> **Work order**
Go through the listing below and output exactly the line with "for name, color, linetype", the line with "msp = doc.modelspace()", and each line between; omit the rest.

> **Record extracts**
□ □ □ □ □

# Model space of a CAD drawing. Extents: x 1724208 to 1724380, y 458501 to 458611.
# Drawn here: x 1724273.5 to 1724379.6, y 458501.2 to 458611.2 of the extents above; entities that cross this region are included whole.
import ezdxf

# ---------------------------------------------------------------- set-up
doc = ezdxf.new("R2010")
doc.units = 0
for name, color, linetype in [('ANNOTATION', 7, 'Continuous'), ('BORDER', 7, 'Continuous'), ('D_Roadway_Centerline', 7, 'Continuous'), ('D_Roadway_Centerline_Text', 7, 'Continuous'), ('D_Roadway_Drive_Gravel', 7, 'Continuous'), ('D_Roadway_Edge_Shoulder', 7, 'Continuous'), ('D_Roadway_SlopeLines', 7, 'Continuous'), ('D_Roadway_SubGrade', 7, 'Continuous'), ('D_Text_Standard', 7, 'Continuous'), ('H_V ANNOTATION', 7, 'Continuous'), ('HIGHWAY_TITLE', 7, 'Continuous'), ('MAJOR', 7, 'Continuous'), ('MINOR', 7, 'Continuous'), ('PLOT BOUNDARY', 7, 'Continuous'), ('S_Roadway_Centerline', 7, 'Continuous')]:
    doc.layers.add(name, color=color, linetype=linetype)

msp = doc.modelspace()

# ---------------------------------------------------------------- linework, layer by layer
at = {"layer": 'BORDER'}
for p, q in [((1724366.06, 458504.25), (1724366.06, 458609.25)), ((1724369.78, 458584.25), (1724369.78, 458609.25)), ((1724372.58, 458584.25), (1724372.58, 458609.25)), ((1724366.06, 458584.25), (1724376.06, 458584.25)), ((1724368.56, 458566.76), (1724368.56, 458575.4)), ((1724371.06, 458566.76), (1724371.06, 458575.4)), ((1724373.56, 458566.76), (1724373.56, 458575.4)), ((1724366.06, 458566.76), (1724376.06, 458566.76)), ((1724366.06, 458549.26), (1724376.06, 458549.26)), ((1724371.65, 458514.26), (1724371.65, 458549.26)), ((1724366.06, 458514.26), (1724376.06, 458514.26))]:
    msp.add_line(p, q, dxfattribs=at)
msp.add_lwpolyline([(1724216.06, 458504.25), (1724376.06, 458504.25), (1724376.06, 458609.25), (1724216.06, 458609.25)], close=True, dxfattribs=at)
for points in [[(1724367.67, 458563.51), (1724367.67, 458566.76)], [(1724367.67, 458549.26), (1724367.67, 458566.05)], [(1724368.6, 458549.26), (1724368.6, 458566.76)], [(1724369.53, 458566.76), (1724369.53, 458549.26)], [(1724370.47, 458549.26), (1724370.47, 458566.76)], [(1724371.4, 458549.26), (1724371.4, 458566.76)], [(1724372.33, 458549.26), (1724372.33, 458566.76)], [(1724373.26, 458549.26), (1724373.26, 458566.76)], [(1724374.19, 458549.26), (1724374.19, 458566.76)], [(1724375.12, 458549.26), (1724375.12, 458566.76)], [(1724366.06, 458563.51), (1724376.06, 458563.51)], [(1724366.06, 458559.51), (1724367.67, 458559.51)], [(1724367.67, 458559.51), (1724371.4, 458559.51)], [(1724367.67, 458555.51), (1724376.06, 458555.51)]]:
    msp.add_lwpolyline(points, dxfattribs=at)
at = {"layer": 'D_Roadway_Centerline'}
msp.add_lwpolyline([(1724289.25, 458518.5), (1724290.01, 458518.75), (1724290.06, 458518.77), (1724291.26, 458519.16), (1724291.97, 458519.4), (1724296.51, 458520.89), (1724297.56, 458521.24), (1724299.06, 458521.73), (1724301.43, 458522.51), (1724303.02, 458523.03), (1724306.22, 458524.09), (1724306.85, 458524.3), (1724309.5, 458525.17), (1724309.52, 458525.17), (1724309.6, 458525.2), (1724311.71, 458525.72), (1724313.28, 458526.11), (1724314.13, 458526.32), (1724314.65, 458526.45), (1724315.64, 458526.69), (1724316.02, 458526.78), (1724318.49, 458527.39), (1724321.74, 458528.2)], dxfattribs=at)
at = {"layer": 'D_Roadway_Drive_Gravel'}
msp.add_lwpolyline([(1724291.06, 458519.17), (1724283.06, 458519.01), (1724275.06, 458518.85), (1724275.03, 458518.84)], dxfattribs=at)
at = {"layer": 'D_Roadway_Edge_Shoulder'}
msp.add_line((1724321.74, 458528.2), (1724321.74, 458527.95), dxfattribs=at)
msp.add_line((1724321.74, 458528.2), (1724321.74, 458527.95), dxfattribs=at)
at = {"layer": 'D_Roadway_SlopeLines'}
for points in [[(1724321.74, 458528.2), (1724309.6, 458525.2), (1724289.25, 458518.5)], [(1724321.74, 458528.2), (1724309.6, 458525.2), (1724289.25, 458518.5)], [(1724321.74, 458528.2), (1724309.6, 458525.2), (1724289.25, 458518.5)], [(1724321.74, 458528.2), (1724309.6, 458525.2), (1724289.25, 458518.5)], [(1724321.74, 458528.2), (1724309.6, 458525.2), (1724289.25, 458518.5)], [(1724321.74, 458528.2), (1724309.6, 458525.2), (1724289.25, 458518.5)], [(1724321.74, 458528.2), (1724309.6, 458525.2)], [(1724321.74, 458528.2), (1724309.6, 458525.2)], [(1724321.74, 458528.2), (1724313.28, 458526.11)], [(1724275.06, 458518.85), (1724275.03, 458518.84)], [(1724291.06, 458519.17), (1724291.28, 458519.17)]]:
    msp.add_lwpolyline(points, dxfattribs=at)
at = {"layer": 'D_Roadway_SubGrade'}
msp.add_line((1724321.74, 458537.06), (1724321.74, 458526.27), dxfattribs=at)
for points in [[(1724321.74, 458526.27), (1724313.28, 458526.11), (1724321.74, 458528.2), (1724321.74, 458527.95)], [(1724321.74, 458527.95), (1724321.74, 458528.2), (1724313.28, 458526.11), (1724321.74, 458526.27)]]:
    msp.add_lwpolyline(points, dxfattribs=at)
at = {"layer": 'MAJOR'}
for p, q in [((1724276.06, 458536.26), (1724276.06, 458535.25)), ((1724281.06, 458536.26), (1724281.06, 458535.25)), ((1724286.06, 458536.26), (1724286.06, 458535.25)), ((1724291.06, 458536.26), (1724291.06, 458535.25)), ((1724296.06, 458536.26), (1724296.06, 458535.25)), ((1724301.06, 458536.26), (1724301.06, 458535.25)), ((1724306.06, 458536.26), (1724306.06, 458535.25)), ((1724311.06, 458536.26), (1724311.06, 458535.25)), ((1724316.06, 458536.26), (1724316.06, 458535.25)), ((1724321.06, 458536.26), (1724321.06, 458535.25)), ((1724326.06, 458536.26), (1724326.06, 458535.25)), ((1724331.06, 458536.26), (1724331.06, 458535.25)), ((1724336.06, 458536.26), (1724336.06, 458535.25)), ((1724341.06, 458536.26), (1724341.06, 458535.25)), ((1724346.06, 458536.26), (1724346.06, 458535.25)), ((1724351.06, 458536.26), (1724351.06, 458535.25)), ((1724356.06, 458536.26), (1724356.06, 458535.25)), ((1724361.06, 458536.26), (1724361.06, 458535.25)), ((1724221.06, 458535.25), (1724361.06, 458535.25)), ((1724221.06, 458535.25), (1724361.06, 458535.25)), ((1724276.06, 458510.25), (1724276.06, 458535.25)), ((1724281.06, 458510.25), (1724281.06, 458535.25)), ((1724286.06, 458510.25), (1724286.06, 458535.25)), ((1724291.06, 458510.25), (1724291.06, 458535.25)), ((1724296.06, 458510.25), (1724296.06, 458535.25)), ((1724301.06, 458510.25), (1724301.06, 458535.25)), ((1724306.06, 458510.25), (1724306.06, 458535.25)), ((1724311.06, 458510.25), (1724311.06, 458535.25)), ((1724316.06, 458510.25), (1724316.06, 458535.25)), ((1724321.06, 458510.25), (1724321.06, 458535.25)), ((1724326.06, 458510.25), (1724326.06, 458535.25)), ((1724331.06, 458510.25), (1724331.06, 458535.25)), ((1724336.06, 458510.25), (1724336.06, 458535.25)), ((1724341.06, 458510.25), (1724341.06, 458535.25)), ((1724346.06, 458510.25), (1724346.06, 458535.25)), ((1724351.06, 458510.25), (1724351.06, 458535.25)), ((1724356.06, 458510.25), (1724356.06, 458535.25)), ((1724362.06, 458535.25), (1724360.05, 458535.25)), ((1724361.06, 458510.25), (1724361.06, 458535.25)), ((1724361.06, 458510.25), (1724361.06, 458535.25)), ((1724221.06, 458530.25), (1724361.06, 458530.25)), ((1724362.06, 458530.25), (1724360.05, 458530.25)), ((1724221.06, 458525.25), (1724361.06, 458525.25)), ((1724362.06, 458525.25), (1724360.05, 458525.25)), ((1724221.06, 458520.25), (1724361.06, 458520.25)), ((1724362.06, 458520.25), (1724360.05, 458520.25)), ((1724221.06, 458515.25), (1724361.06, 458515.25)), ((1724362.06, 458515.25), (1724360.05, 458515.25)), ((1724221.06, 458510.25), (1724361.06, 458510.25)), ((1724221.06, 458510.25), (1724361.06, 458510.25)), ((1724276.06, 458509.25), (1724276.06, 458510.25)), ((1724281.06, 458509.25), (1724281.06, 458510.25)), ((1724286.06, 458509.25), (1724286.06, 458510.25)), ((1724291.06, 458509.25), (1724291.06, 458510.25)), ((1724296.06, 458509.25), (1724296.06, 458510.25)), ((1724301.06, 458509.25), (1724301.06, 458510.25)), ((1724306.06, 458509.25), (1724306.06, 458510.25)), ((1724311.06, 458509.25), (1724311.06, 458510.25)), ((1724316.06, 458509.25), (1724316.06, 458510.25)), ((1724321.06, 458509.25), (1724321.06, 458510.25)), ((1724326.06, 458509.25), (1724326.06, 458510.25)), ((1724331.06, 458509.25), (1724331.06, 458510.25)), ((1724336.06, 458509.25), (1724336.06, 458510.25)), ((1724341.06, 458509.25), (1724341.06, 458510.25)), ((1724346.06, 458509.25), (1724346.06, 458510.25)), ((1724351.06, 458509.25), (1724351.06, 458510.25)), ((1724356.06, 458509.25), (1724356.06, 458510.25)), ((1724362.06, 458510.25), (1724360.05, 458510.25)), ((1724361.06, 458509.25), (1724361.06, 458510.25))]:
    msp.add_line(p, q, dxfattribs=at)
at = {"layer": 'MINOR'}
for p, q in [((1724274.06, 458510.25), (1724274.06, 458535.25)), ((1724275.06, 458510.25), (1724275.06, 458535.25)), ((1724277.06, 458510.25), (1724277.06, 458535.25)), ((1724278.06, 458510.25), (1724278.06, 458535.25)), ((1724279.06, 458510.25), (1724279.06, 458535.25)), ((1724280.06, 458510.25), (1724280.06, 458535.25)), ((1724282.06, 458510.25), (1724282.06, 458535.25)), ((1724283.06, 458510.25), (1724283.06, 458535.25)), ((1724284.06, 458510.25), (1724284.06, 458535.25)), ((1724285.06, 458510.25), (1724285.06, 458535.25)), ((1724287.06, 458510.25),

□ □ □ □ □

> **Solved problem**
for name, color, linetype in [('ANNOTATION', 7, 'Continuous'), ('BORDER', 7, 'Continuous'), ('D_Roadway_Centerline', 7, 'Continuous'), ('D_Roadway_Centerline_Text', 7, 'Continuous'), ('D_Roadway_Drive_Gravel', 7, 'Continuous'), ('D_Roadway_Edge_Shoulder', 7, 'Continuous'), ('D_Roadway_SlopeLines', 7, 'Continuous'), ('D_Roadway_SubGrade', 7, 'Continuous'), ('D_Text_Standard', 7, 'Continuous'), ('H_V ANNOTATION', 7, 'Continuous'), ('HIGHWAY_TITLE', 7, 'Continuous'), ('MAJOR', 7, 'Continuous'), ('MINOR', 7, 'Continuous'), ('PLOT BOUNDARY', 7, 'Continuous'), ('S_Roadway_Centerline', 7, 'Continuous')]:
    doc.layers.add(name, color=color, linetype=linetype)

msp = doc.modelspace()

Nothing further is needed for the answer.